Now Nashville-based Savanna is taking everything she has learned and sharing her wisdom with her audience in a personable way.

The transparency in her music leaves listeners feeling less alone as they navigate their own experiences, relating to the high of falling in love and the loneliness from heartbreak. Her words are carried further with her voice that is both strong and soft even during the most power-packed moments.

Savanna’s music has garnered over 4M+ streams across all platforms, and most recently was featured on POP Rising, Next Gen Singer-Songwriter, Fresh Finds, and Fresh Finds: POP. She has released multiple singles and an ep that has captured fans who share the same vulnerabilities as her while they navigate their early twenties. Savanna just completed her first fall tour where she sold out all 4 dates.

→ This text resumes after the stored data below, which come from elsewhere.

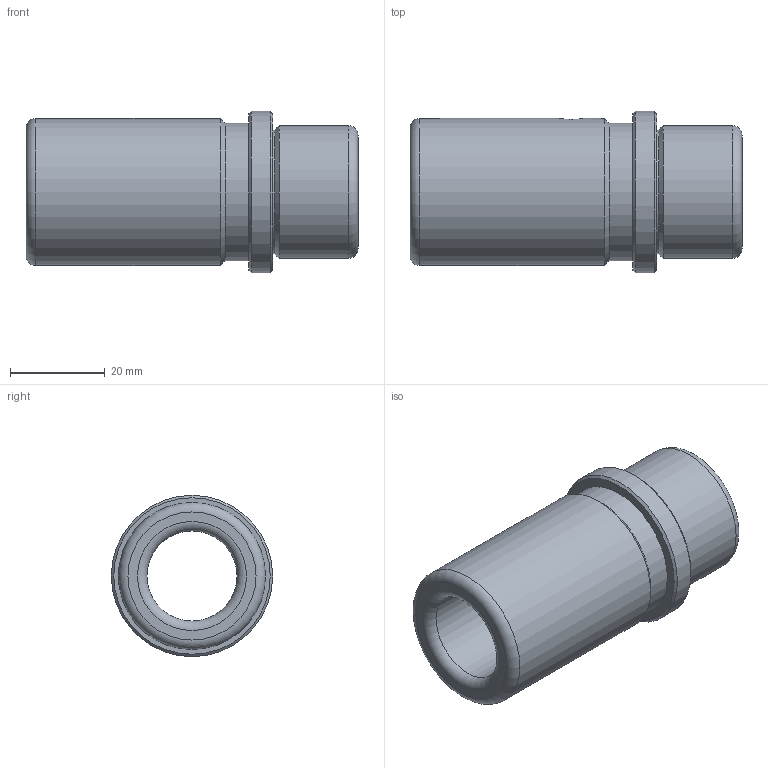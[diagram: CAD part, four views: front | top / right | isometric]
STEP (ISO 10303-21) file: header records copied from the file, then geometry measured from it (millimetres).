
FILE_DESCRIPTION( ( 'STEP AP214' ), '1' );
FILE_NAME( 'p:/temp/worker_21/temp/exporttempdir_912_452_xgbPU/format_1/WZ - 4055 19 x 70.stp', '2020-12-04T19:46:05', ( 'License CC BY-ND 4.0' ), ( 'CADENAS' ), ' ', 'PARTsolutions', ' ' );
FILE_SCHEMA( ( 'AUTOMOTIVE_DESIGN { 1 0 10303 214 1 1 1 1 }' ) );
Length unit declared in the file: millimetre
Products named in the file (1): _WZ - 4055 19 x 70
Bounding box: 70 x 34 x 34 mm (x, y, z)
Volume: 30082.5 mm3; surface area: 12185.9 mm2
Topology: 1 solids, 1 shells, 21 faces, 38 edges, 22 vertices
Faces by surface type: cylinder 7, cone 5, plane 5, torus 4
Full cylindrical faces by diameter (mm): 4.917 x1, 19 x1, 26 x1, 28 x1, 29 x1, 31 x1, 34 x1
Entity records: 736 total; most frequent: CARTESIAN_POINT 182, DIRECTION 84, EDGE_LOOP 44, ORIENTED_EDGE 44, AXIS2_PLACEMENT_3D 42, FACE_OUTER_BOUND 32, EDGE_CURVE 22, VERTEX_POINT 22
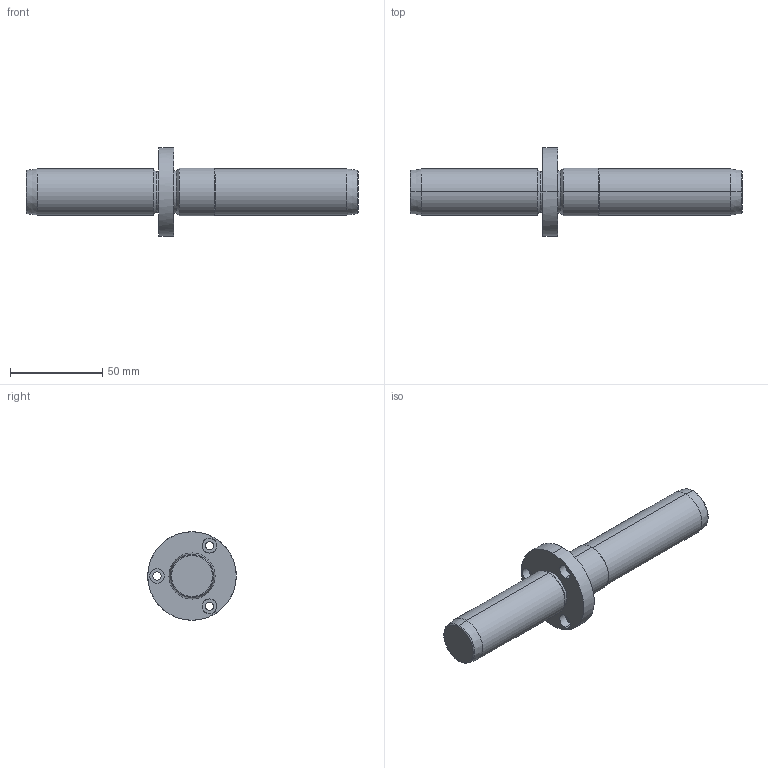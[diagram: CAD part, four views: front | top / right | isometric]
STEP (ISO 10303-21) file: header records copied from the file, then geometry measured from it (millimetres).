
FILE_DESCRIPTION(('CATIA V5 STEP Exchange'),'2;1');
FILE_NAME('C:\Users\Utente\Desktop\IO LAVORO\3D X SITO CF\X SITO\721\721-25x180.stp','2021-01-01T17:30:49+00:00',('none'),('none'),'CATIA Version 5 Release 20 GA (IN-10)','CATIA V5 STEP AP203','none');
FILE_SCHEMA(('CONFIG_CONTROL_DESIGN'));
Length unit declared in the file: millimetre
Products named in the file (1): 721-25x180
Bounding box: 180 x 48 x 48 mm (x, y, z)
Volume: 98033.1 mm3; surface area: 18875.7 mm2
Topology: 1 solids, 1 shells, 45 faces, 150 edges, 112 vertices
Faces by surface type: cylinder 24, cone 10, plane 7, torus 4
Entity records: 2060 total; most frequent: CARTESIAN_POINT 730, ORIENTED_EDGE 300, DIRECTION 206, EDGE_CURVE 150, AXIS2_PLACEMENT_3D 128, VERTEX_POINT 112, CIRCLE 82, EDGE_LOOP 56
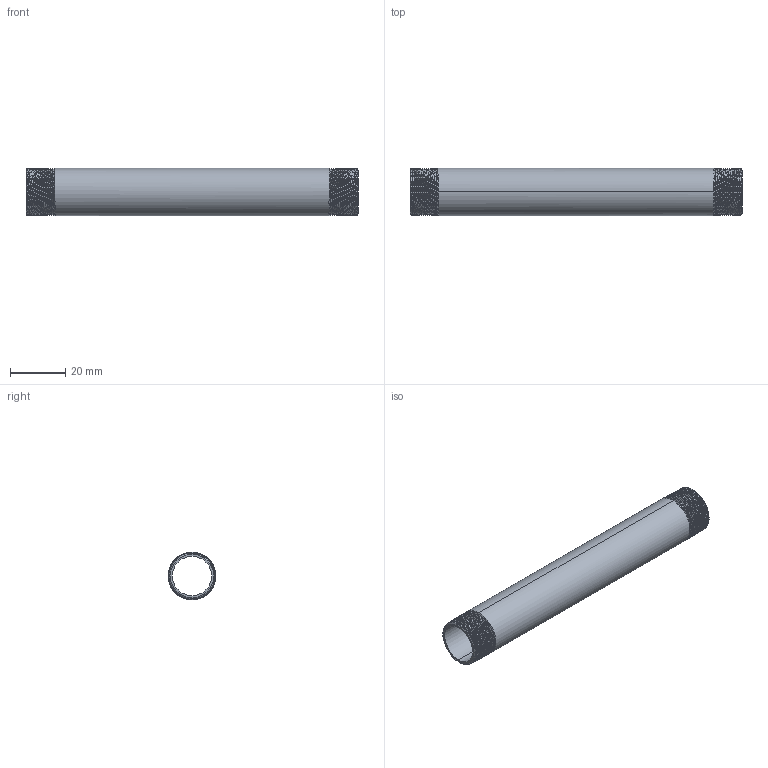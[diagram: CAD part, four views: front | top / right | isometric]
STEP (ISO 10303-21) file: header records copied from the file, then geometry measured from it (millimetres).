
FILE_DESCRIPTION (( 'STEP AP203' ), '1' );
FILE_NAME ('3D_R210_3-8x120_17185820.STEP', '2024-08-16T13:43:59', ( '' ), ( '' ), 'SwSTEP 2.0', 'SolidWorks 2024', '' );
FILE_SCHEMA (( 'CONFIG_CONTROL_DESIGN' ));
Length unit declared in the file: millimetre
Products named in the file (1): 3D_R210_3-8x120_17185820
Bounding box: 120 x 17.19 x 17.2 mm (x, y, z)
Volume: 8646.4 mm3; surface area: 12415.1 mm2
Topology: 1 solids, 1 shells, 76 faces, 218 edges, 144 vertices
Faces by surface type: cone 62, bspline 6, cylinder 4, plane 4
Entity records: 11224 total; most frequent: CARTESIAN_POINT 9454, ORIENTED_EDGE 436, DIRECTION 230, EDGE_CURVE 218, VERTEX_POINT 144, B_SPLINE_CURVE_WITH_KNOTS 132, AXIS2_PLACEMENT_3D 81, EDGE_LOOP 78
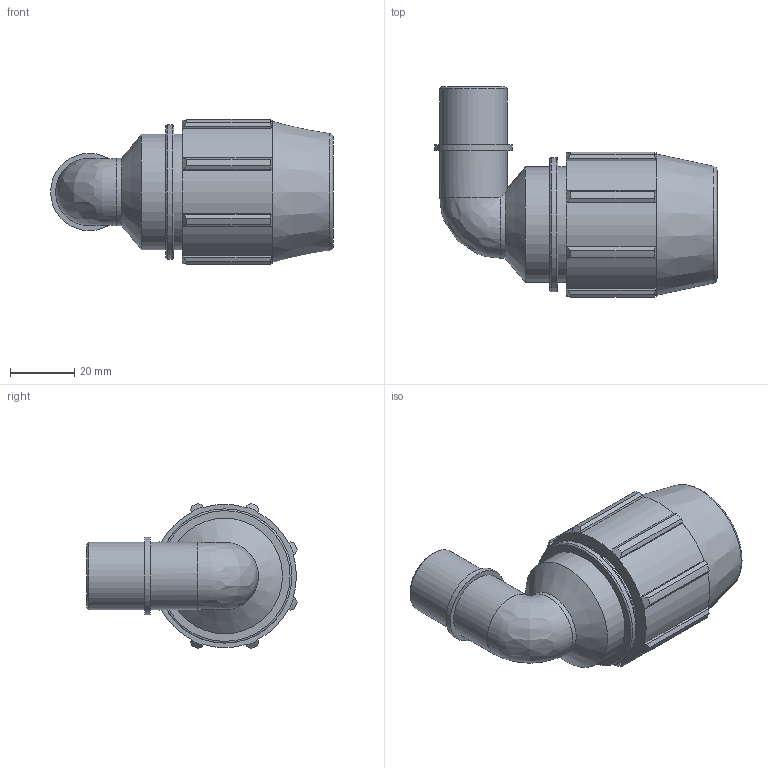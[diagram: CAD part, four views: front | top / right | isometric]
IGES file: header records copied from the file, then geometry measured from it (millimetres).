
Global section: file name: 0785M0007005.ipt; native system: Autodesk Inventor 2019; preprocessor: unknown; author: KIM; date: 20210826.124932; units: inch
Bounding box: 88 x 65.51 x 45.17 mm (x, y, z)
Volume: 62370.3 mm3; surface area: 22550.8 mm2
Topology: 1 solids, 1 shells, 86 faces, 237 edges, 158 vertices
Faces by surface type: plane 41, cylinder 23, cone 12, revolution 9, bspline 1
Full cylindrical faces by diameter (mm): 20.955 x2, 24.098 x1, 36.005 x2, 41.765 x1

Can you start by introducing yourself and telling us in your words, about your story? We’d love to learn more about how you got to where you are today.

Hi! My name is Savanna Leigh and I am a pop singer-songwriter based in Nashville, TN. Music was my first love honestly, I have been doing it for as long as I can remember. I actually grew up in Brandon, FL, and lived there most of my life. I come from a super musical household, and so many of my family members were either pursuing music/art as a career or were creatives in a different way (acting, dancing, etc). I think because of that I always felt encouraged to pursue my dream, and I luckily was in an environment where being creative and chasing a “non-traditional” career path was encouraged. I spent most of my life learning how to play guitar and piano, entering every singing competition I could, writing songs, etc.

I always knew I wanted to end up moving to Nashville eventually, I went back and forth a lot growing up because of my dad and his music career, so I finished high school in Florida and applied to study music at a college in Nashville and then made the move at 18. I spent the first few years in Nashville in a duo with my sister, pursuing music full-time. When we decided to eventually go our separate ways professionally, COVID hit, life kinda hit pause, and I ended up going back home to Florida for that year. I spent a lot of that time figuring out who I was as a solo artist, writing songs that felt like me, building a presence on social media, and waiting for the world to open back up. I decided to drop out of college that year as well and focus on my music full-time. It was a really hard decision at the time, but one that changed my life for the better in so many ways. I have been going full force ahead ever since, and I’m so grateful for the team around me, and all of the amazing things we’ve been able to accomplish in the last couple of years. I’m so excited to see what the future holds.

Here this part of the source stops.